## BRIEF
Print the listing below from its opening line through the line holding "p = [U;A;Fc(i);Fh;cpc;cph;Tcin;Thin]", both ends included.

╔══

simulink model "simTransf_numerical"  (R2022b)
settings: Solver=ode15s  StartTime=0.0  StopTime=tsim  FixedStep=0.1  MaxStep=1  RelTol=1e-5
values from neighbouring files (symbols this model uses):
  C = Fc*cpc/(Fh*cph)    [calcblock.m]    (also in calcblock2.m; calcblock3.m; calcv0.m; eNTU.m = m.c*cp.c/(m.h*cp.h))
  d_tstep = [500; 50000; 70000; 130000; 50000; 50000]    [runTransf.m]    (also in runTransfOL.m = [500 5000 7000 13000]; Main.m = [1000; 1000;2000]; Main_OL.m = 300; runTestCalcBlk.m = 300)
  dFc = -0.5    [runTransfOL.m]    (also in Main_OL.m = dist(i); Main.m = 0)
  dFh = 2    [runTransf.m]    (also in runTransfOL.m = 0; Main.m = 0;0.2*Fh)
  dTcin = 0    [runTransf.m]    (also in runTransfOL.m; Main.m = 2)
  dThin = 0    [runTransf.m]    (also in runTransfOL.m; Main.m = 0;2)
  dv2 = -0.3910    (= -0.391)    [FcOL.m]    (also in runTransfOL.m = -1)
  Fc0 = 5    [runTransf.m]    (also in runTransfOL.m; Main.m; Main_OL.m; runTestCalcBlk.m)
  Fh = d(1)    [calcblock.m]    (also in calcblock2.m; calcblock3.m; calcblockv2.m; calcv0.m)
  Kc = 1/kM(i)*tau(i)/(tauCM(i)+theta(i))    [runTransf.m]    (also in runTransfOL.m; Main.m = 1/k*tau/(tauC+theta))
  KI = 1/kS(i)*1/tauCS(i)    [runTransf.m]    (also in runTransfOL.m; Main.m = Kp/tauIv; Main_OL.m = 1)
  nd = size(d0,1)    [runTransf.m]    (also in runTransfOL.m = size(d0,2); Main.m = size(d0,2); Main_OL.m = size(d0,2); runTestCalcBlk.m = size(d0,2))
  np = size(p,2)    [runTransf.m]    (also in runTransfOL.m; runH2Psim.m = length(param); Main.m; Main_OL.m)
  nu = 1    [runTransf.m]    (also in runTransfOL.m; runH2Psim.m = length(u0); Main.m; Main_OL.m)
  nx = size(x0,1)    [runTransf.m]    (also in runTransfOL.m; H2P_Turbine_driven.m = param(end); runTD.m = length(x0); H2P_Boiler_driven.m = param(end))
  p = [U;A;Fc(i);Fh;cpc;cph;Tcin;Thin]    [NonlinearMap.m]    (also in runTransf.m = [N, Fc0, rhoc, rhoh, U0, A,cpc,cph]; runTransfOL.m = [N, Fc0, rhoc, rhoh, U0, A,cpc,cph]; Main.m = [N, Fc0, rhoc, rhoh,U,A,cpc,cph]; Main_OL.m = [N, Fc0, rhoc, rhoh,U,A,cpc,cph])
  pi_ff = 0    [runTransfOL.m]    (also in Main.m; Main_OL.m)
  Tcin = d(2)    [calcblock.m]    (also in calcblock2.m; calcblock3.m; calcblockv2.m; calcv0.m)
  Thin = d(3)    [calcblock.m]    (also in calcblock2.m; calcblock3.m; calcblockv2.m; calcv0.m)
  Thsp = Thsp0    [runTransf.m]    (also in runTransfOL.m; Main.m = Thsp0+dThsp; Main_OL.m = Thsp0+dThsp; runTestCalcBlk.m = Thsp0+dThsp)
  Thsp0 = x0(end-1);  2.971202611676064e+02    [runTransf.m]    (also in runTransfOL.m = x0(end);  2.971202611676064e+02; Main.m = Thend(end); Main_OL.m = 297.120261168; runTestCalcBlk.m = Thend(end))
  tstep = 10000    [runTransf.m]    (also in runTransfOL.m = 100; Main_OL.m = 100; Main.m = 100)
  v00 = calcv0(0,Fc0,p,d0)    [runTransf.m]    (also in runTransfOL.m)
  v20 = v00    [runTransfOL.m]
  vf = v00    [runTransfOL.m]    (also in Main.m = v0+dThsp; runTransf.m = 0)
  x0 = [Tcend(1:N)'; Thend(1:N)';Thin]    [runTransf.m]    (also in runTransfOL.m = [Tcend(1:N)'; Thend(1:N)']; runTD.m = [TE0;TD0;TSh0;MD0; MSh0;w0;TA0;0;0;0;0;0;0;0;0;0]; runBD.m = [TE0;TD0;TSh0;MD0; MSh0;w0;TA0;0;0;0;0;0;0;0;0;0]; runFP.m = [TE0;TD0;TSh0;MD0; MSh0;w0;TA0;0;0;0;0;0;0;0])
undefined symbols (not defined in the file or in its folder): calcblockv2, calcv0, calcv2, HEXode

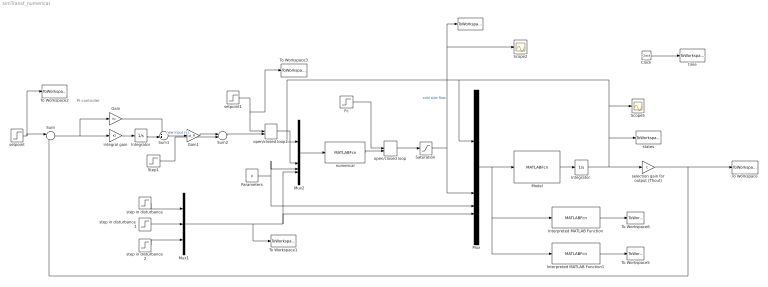
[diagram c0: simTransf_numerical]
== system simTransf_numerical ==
  note: PI-controller
  " " : ToWorkspace  VariableName=u  SampleTime=-1
  Clock : Clock
  Fc : Step  Time=tstep  Before=Fc0  After=Fc0+dFc  SampleTime=0
  Gain : Gain  Gain=Kc
  Gain1 : Gain  Gain=pi_ff  Multiplication=Matrix(K*u)
  Integrator : Integrator
  "Integrator " : Integrator  InitialCondition=x0
  Interpreted MATLAB Function : MATLABFcn  MATLABFcn=calcv0(u(1:nx),u(nx+1:nx+nu),u(nx+nu+1:nx+nu+np),u(nx+nu+np+1:nx+nu+np+nd))  OutputDimensions=1
  Interpreted MATLAB Function1 : MATLABFcn  MATLABFcn=calcv2(u(1:nx),u(nx+1:nx+nu),u(nx+nu+1:nx+nu+np),u(nx+nu+np+1:nx+nu+np+nd))  OutputDimensions=1
  Model : MATLABFcn  MATLABFcn=HEXode(u(1:nx),u(nx+1:nx+nu),u(nx+nu+1:nx+nu+np),u(nx+nu+np+1:nx+nu+np+nd))  OutputDimensions=nx  Output1D=off
  Mux : Mux
  Mux1 : Mux  Inputs=3
  Mux2 : Mux
  Parameters : Constant  Value=p
  "Saturation " : Saturate  UpperLimit=inf  LowerLimit=0
  Scope2 : Scope
  Scope5 : Scope
  Step1 : Step  Time=tstep  Before=v00  After=vf  SampleTime=0
  Sum : Sum  Inputs=|+-
  Sum1 : Sum  Inputs=++|
  Sum2 : Sum  Inputs=|++
  To Workspace : ToWorkspace  VariableName=Thout  SampleTime=-1
  To Workspace1 : ToWorkspace  VariableName=d  SampleTime=-1
  To Workspace2 : ToWorkspace  VariableName=Tsp  SampleTime=-1
  To Workspace3 : ToWorkspace  VariableName=vsp  SampleTime=-1
  To Workspace5 : ToWorkspace  VariableName=v2  SampleTime=-1
  To Workspace6 : ToWorkspace  VariableName=v0  SampleTime=-1
  integral gain : Gain  Gain=KI  Multiplication=Matrix(K*u)
  numerical : MATLABFcn  MATLABFcn=calcblockv2(u(1:nx),u(nx+1:nx+nu),u(nx+nu+1:nx+nu+np),u(nx+nu+np+1:nx+nu+np+nd))
  open/closed loop : ManualSwitch
  open/closed loop1 : ManualSwitch
  selection gain for output (Thout) : Gain  Gain=C  Multiplication=Matrix(K*u)
  setpoint : Step  Time=tstep  Before=Thsp0  After=Thsp  SampleTime=0
  setpoint1 : Step  Time=tstep  Before=v20  After=v20+dv2  SampleTime=0
  states : ToWorkspace  VariableName=y  SampleTime=-1
  step in disturbance : Step  Time=d_tstep(1)  Before=Fh  After=Fh+dFh  SampleTime=0
  step in disturbance1 : Step  Time=d_tstep(2)  Before=Tcin  After=Tcin+dTcin  SampleTime=0
  step in disturbance2 : Step  Time=d_tstep(3)  Before=Thin  After=Thin+dThin  SampleTime=0
  time : ToWorkspace  VariableName=t  SampleTime=-1
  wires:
  Model/1 -> "Integrator "/1
  "Integrator "/1 -> selection gain for output (Thout)/1, states/1, Mux2/1, Mux/1, Scope5/1
  Mux/1 -> Interpreted MATLAB Function1/1, Interpreted MATLAB Function/1, Model/1
  Clock/1 -> time/1
  Parameters/1 -> Mux/3, Mux2/3
  "Saturation "/1 -> Mux/2, Scope2/1, " "/1  "cold side flow"
  numerical/1 -> open/closed loop/2
  setpoint/1 -> To Workspace2/1, Sum/1
  Sum/1 -> Gain/1, integral gain/1
  integral gain/1 -> Integrator/1
  Sum1/1 -> Gain1/1  "new input (v)"
  selection gain for output (Thout)/1 -> Sum/2, To Workspace/1
  Mux2/1 -> numerical/1
  Step1/1 -> Sum2/2
  open/closed loop/1 -> "Saturation "/1
  Fc/1 -> open/closed loop/1
  Integrator/1 -> Sum1/2
  open/closed loop1/1 -> Mux2/2
  setpoint1/1 -> To Workspace3/1, open/closed loop1/1
  Gain/1 -> Sum1/1
  Gain1/1 -> Sum2/1
  Sum2/1 -> open/closed loop1/2
  Mux1/1 -> Mux2/4, Mux/4, To Workspace1/1
  step in disturbance/1 -> Mux1/1
  step in disturbance1/1 -> Mux1/2
  step in disturbance2/1 -> Mux1/3
  Interpreted MATLAB Function1/1 -> To Workspace5/1
  Interpreted MATLAB Function/1 -> To Workspace6/1

╚══

## OUTPUT
simulink model "simTransf_numerical"  (R2022b)
settings: Solver=ode15s  StartTime=0.0  StopTime=tsim  FixedStep=0.1  MaxStep=1  RelTol=1e-5
values from neighbouring files (symbols this model uses):
  C = Fc*cpc/(Fh*cph)    [calcblock.m]    (also in calcblock2.m; calcblock3.m; calcv0.m; eNTU.m = m.c*cp.c/(m.h*cp.h))
  d_tstep = [500; 50000; 70000; 130000; 50000; 50000]    [runTransf.m]    (also in runTransfOL.m = [500 5000 7000 13000]; Main.m = [1000; 1000;2000]; Main_OL.m = 300; runTestCalcBlk.m = 300)
  dFc = -0.5    [runTransfOL.m]    (also in Main_OL.m = dist(i); Main.m = 0)
  dFh = 2    [runTransf.m]    (also in runTransfOL.m = 0; Main.m = 0;0.2*Fh)
  dTcin = 0    [runTransf.m]    (also in runTransfOL.m; Main.m = 2)
  dThin = 0    [runTransf.m]    (also in runTransfOL.m; Main.m = 0;2)
  dv2 = -0.3910    (= -0.391)    [FcOL.m]    (also in runTransfOL.m = -1)
  Fc0 = 5    [runTransf.m]    (also in runTransfOL.m; Main.m; Main_OL.m; runTestCalcBlk.m)
  Fh = d(1)    [calcblock.m]    (also in calcblock2.m; calcblock3.m; calcblockv2.m; calcv0.m)
  Kc = 1/kM(i)*tau(i)/(tauCM(i)+theta(i))    [runTransf.m]    (also in runTransfOL.m; Main.m = 1/k*tau/(tauC+theta))
  KI = 1/kS(i)*1/tauCS(i)    [runTransf.m]    (also in runTransfOL.m; Main.m = Kp/tauIv; Main_OL.m = 1)
  nd = size(d0,1)    [runTransf.m]    (also in runTransfOL.m = size(d0,2); Main.m = size(d0,2); Main_OL.m = size(d0,2); runTestCalcBlk.m = size(d0,2))
  np = size(p,2)    [runTransf.m]    (also in runTransfOL.m; runH2Psim.m = length(param); Main.m; Main_OL.m)
  nu = 1    [runTransf.m]    (also in runTransfOL.m; runH2Psim.m = length(u0); Main.m; Main_OL.m)
  nx = size(x0,1)    [runTransf.m]    (also in runTransfOL.m; H2P_Turbine_driven.m = param(end); runTD.m = length(x0); H2P_Boiler_driven.m = param(end))
  p = [U;A;Fc(i);Fh;cpc;cph;Tcin;Thin]    [NonlinearMap.m]    (also in runTransf.m = [N, Fc0, rhoc, rhoh, U0, A,cpc,cph]; runTransfOL.m = [N, Fc0, rhoc, rhoh, U0, A,cpc,cph]; Main.m = [N, Fc0, rhoc, rhoh,U,A,cpc,cph]; Main_OL.m = [N, Fc0, rhoc, rhoh,U,A,cpc,cph])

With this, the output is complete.